* **How to complete this task**: Going through the entries below, work out how many lines have the string "origin" in them. Give the number and nothing more.

***** Source data *****

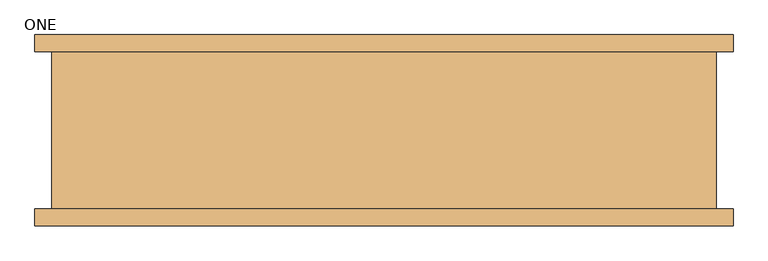
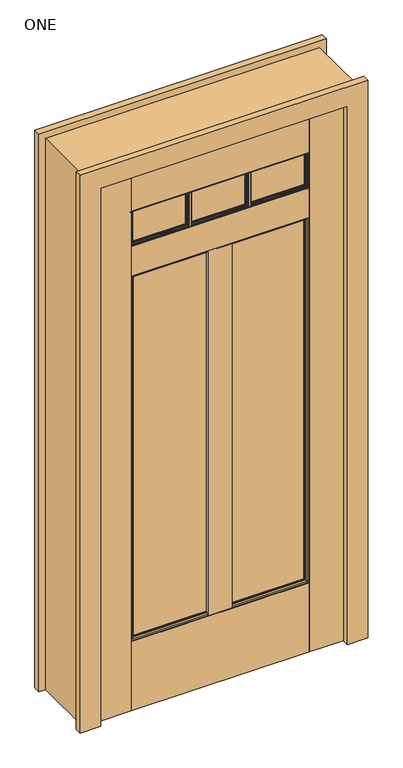
"""IFC4 building model written with IfcOpenShell, lengths in millimetres: door geometry, Door-Exterior-Simpson-Craftsman : ONE."""

from ifc_helpers import new_model, si_unit, point, frame, frame_2d, origin, origin_with_axes, place, context, project, spatial, polyline, circle_curve, ellipse_curve, trimmed, segment, composite_curve, outline, extrude, faceted_brep, source, transform, mapped, element, save
from ifc_brep_helpers import plane_surface, cylinder_surface, advanced_brep


def one_efa2d6c3(model_context):
    return source(origin(), model_context, "Body", "SolidModel", [
        extrude(outline(composite_curve([segment(polyline([(114.0354167, -78.5495), (114.0354167, -80.264), (116.1486027, -80.6366117)]), True, "CONTINUOUS"), segment(trimmed(circle_curve(frame_2d((115.7075363, -83.1380234)), 2.54), [point((116.1486027, -80.6366117))], [point((118.208948, -82.696957))], False, "CARTESIAN"), True, "CONTINUOUS"), segment(polyline([(118.208948, -82.696957), (118.7696182, -85.8766758), (120.0821906, -85.991511)]), True, "CONTINUOUS"), segment(trimmed(circle_curve(frame_2d((120.0157779, -86.7506113)), 0.762), [point((120.0821906, -85.991511))], [point((120.7662014, -86.6182914))], False, "CARTESIAN"), True, "CONTINUOUS"), segment(polyline([(120.7662014, -86.6182914), (121.1685282, -88.9), (98.9648051, -88.9), (99.3671319, -86.6182914)]), True, "CONTINUOUS"), segment(trimmed(circle_curve(frame_2d((100.1175554, -86.7506113)), 0.762), [point((99.3671319, -86.6182914))], [point((100.0511427, -85.991511))], False, "CARTESIAN"), True, "CONTINUOUS"), segment(polyline([(100.0511427, -85.991511), (101.3637152, -85.8766758), (101.9243854, -82.696957)]), True, "CONTINUOUS"), segment(trimmed(circle_curve(frame_2d((104.4257971, -83.1380234)), 2.54), [point((101.9243854, -82.696957))], [point((103.9847307, -80.6366117))], False, "CARTESIAN"), True, "CONTINUOUS"), segment(polyline([(103.9847307, -80.6366117), (106.0979167, -80.264), (106.0979167, -78.5495), (114.0354167, -78.5495)]), True, "CONTINUOUS")], self_intersect=False)), frame((0.0, 0.0, 1817.6875), z_axis=(0.0, 0.0, 1.0), x_axis=(1.0, 0.0, 0.0)), (0.0, 0.0, 1.0), 139.7),
        extrude(outline(composite_curve([segment(polyline([(114.0354167, -118.3005), (106.0979167, -118.3005), (106.0979167, -116.586), (103.9847307, -116.2133883)]), True, "CONTINUOUS"), segment(trimmed(circle_curve(frame_2d((104.4257971, -113.7119766)), 2.54), [point((103.9847307, -116.2133883))], [point((101.9243854, -114.153043))], False, "CARTESIAN"), True, "CONTINUOUS"), segment(polyline([(101.9243854, -114.153043), (101.3637152, -110.9733242), (100.0511427, -110.858489)]), True, "CONTINUOUS"), segment(trimmed(circle_curve(frame_2d((100.1175554, -110.0993887)), 0.762), [point((100.0511427, -110.858489))], [point((99.3671319, -110.2317086))], False, "CARTESIAN"), True, "CONTINUOUS"), segment(polyline([(99.3671319, -110.2317086), (98.9648051, -107.95), (121.1685282, -107.95), (120.7662014, -110.2317086)]), True, "CONTINUOUS"), segment(trimmed(circle_curve(frame_2d((120.0157779, -110.0993887)), 0.762), [point((120.7662014, -110.2317086))], [point((120.0821906, -110.858489))], False, "CARTESIAN"), True, "CONTINUOUS"), segment(polyline([(120.0821906, -110.858489), (118.7696182, -110.9733242), (118.208948, -114.153043)]), True, "CONTINUOUS"), segment(trimmed(circle_curve(frame_2d((115.7075363, -113.7119766)), 2.54), [point((118.208948, -114.153043))], [point((116.1486027, -116.2133883))], False, "CARTESIAN"), True, "CONTINUOUS"), segment(polyline([(116.1486027, -116.2133883), (114.0354167, -116.586), (114.0354167, -118.3005)]), True, "CONTINUOUS")], self_intersect=False)), frame((0.0, 0.0, 1817.6875), z_axis=(0.0, 0.0, 1.0), x_axis=(1.0, 0.0, 0.0)), (0.0, 0.0, 1.0), 139.7),
        extrude(outline(composite_curve([segment(polyline([(-106.0979167, -78.5495), (-106.0979167, -80.264), (-103.9847307, -80.6366117)]), True, "CONTINUOUS"), segment(trimmed(circle_curve(frame_2d((-104.4257971, -83.1380234)), 2.54), [point((-103.9847307, -80.6366117))], [point((-101.9243854, -82.696957))], False, "CARTESIAN"), True, "CONTINUOUS"), segment(polyline([(-101.9243854, -82.696957), (-101.3637152, -85.8766758), (-100.0511427, -85.991511)]), True, "CONTINUOUS"), segment(trimmed(circle_curve(frame_2d((-100.1175554, -86.7506113)), 0.762), [point((-100.0511427, -85.991511))], [point((-99.3671319, -86.6182914))], False, "CARTESIAN"), True, "CONTINUOUS"), segment(polyline([(-99.3671319, -86.6182914), (-98.9648051, -88.9), (-121.1685282, -88.9), (-120.7662014, -86.6182914)]), True, "CONTINUOUS"), segment(trimmed(circle_curve(frame_2d((-120.0157779, -86.7506113)), 0.762), [point((-120.7662014, -86.6182914))], [point((-120.0821906, -85.991511))], False, "CARTESIAN"), True, "CONTINUOUS"), segment(polyline([(-120.0821906, -85.991511), (-118.7696182, -85.8766758), (-118.208948, -82.696957)]), True, "CONTINUOUS"), segment(trimmed(circle_curve(frame_2d((-115.7075363, -83.1380234)), 2.54), [point((-118.208948, -82.696957))], [point((-116.1486027, -80.6366117))], False, "CARTESIAN"), True, "CONTINUOUS"), segment(polyline([(-116.1486027, -80.6366117), (-114.0354167, -80.264), (-114.0354167, -78.5495), (-106.0979167, -78.5495)]), True, "CONTINUOUS")], self_intersect=False)), frame((0.0, 0.0, 1817.6875), z_axis=(0.0, 0.0, 1.0), x_axis=(1.0, 0.0, 0.0)), (0.0, 0.0, 1.0), 139.7),
        extrude(outline(composite_curve([segment(polyline([(-106.0979167, -118.3005), (-114.0354167, -118.3005), (-114.0354167, -116.586), (-116.1486027, -116.2133883)]), True, "CONTINUOUS"), segment(trimmed(circle_curve(frame_2d((-115.7075363, -113.7119766)), 2.54), [point((-116.1486027, -116.2133883))], [point((-118.208948, -114.153043))], False, "CARTESIAN"), True, "CONTINUOUS"), segment(polyline([(-118.208948, -114.153043), (-118.7696182, -110.9733242), (-120.0821906, -110.858489)]), True, "CONTINUOUS"), segment(trimmed(circle_curve(frame_2d((-120.0157779, -110.0993887)), 0.762), [point((-120.0821906, -110.858489))], [point((-120.7662014, -110.2317086))], False, "CARTESIAN"), True, "CONTINUOUS"), segment(polyline([(-120.7662014, -110.2317086), (-121.1685282, -107.95), (-98.9648051, -107.95), (-99.3671319, -110.2317086)]), True, "CONTINUOUS"), segment(trimmed(circle_curve(frame_2d((-100.1175554, -110.0993887)), 0.762), [point((-99.3671319, -110.2317086))], [point((-100.0511427, -110.858489))], False, "CARTESIAN"), True, "CONTINUOUS"), segment(polyline([(-100.0511427, -110.858489), (-101.3637152, -110.9733242), (-101.9243854, -114.153043)]), True, "CONTINUOUS"), segment(trimmed(circle_curve(frame_2d((-104.4257971, -113.7119766)), 2.54), [point((-101.9243854, -114.153043))], [point((-103.9847307, -116.2133883))], False, "CARTESIAN"), True, "CONTINUOUS"), segment(polyline([(-103.9847307, -116.2133883), (-106.0979167, -116.586), (-106.0979167, -118.3005)]), True, "CONTINUOUS")], self_intersect=False)), frame((0.0, 0.0, 1817.6875), z_axis=(0.0, 0.0, 1.0), x_axis=(1.0, 0.0, 0.0)), (0.0, 0.0, 1.0), 139.7),
        extrude(outline(polyline([(44.45, -78.7796875), (44.45, -118.0703125), (-44.45, -118.0703125), (-44.45, -78.7796875), (44.45, -78.7796875)])), frame((0.0, 0.0, 271.4625), z_axis=(0.0, 0.0, 1.0), x_axis=(1.0, 0.0, 0.0)), (0.0, 0.0, 1.0), 1431.925),
        extrude(outline(polyline([(419.89375, -78.7796875), (419.89375, -118.0703125), (330.99375, -118.0703125), (330.99375, -78.7796875), (419.89375, -78.7796875)])), frame((0.0, 0.0, 271.4625), z_axis=(0.0, 0.0, 1.0), x_axis=(1.0, 0.0, 0.0)), (0.0, 0.0, 1.0), 1431.925),
        extrude(outline(polyline([(-330.99375, -78.7796875), (-330.99375, -118.0703125), (-419.89375, -118.0703125), (-419.89375, -78.7796875), (-330.99375, -78.7796875)])), frame((0.0, 0.0, 271.4625), z_axis=(0.0, 0.0, 1.0), x_axis=(1.0, 0.0, 0.0)), (0.0, 0.0, 1.0), 1431.925),
        extrude(outline(polyline([(330.2, -107.95), (-330.2, -107.95), (-330.2, -88.9), (330.2, -88.9), (330.2, -107.95)])), frame((0.0, 0.0, 271.4625), z_axis=(0.0, 0.0, 1.0), x_axis=(1.0, 0.0, 0.0)), (0.0, 0.0, 1.0), 1431.925),
        extrude(outline(composite_curve([segment(polyline([(334.16875, -78.5495), (334.16875, -80.264), (336.281936, -80.6366117)]), True, "CONTINUOUS"), segment(trimmed(circle_curve(frame_2d((335.8408696, -83.1380234)), 2.54), [point((336.281936, -80.6366117))], [point((338.3422813, -82.696957))], False, "CARTESIAN"), True, "CONTINUOUS"), segment(polyline([(338.3422813, -82.696957), (338.9029515, -85.8766758), (340.2155239, -85.991511)]), True, "CONTINUOUS"), segment(trimmed(circle_curve(frame_2d((340.1491113, -86.7506113)), 0.762), [point((340.2155239, -85.991511))], [point((340.8995348, -86.6182914))], False, "CARTESIAN"), True, "CONTINUOUS"), segment(polyline([(340.8995348, -86.6182914), (341.3018616, -88.9), (319.0981384, -88.9), (319.5004652, -86.6182914)]), True, "CONTINUOUS"), segment(trimmed(circle_curve(frame_2d((320.2508887, -86.7506113)), 0.762), [point((319.5004652, -86.6182914))], [point((320.1844761, -85.991511))], False, "CARTESIAN"), True, "CONTINUOUS"), segment(polyline([(320.1844761, -85.991511), (321.4970485, -85.8766758), (322.0577187, -82.696957)]), True, "CONTINUOUS"), segment(trimmed(circle_curve(frame_2d((324.5591304, -83.1380234)), 2.54), [point((322.0577187, -82.696957))], [point((324.118064, -80.6366117))], False, "CARTESIAN"), True, "CONTINUOUS"), segment(polyline([(324.118064, -80.6366117), (326.23125, -80.264), (326.23125, -78.5495), (334.16875, -78.5495)]), True, "CONTINUOUS")], self_intersect=False)), frame((0.0, 0.0, 1817.6875), z_axis=(0.0, 0.0, 1.0), x_axis=(1.0, 0.0, 0.0)), (0.0, 0.0, 1.0), 139.7),
        extrude(outline(composite_curve([segment(polyline([(334.16875, -118.3005), (326.23125, -118.3005), (326.23125, -116.586), (324.118064, -116.2133883)]), True, "CONTINUOUS"), segment(trimmed(circle_curve(frame_2d((324.5591304, -113.7119766)), 2.54), [point((324.118064, -116.2133883))], [point((322.0577187, -114.153043))], False, "CARTESIAN"), True, "CONTINUOUS"), segment(polyline([(322.0577187, -114.153043), (321.4970485, -110.9733242), (320.1844761, -110.858489)]), True, "CONTINUOUS"), segment(trimmed(circle_curve(frame_2d((320.2508887, -110.0993887)), 0.762), [point((320.1844761, -110.858489))], [point((319.5004652, -110.2317086))], False, "CARTESIAN"), True, "CONTINUOUS"), segment(polyline([(319.5004652, -110.2317086), (319.0981384, -107.95), (341.3018616, -107.95), (340.8995348, -110.2317086)]), True, "CONTINUOUS"), segment(trimmed(circle_curve(frame_2d((340.1491113, -110.0993887)), 0.762), [point((340.8995348, -110.2317086))], [point((340.2155239, -110.858489))], False, "CARTESIAN"), True, "CONTINUOUS"), segment(polyline([(340.2155239, -110.858489), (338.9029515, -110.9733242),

*****

* **Answer to this exercise**: 2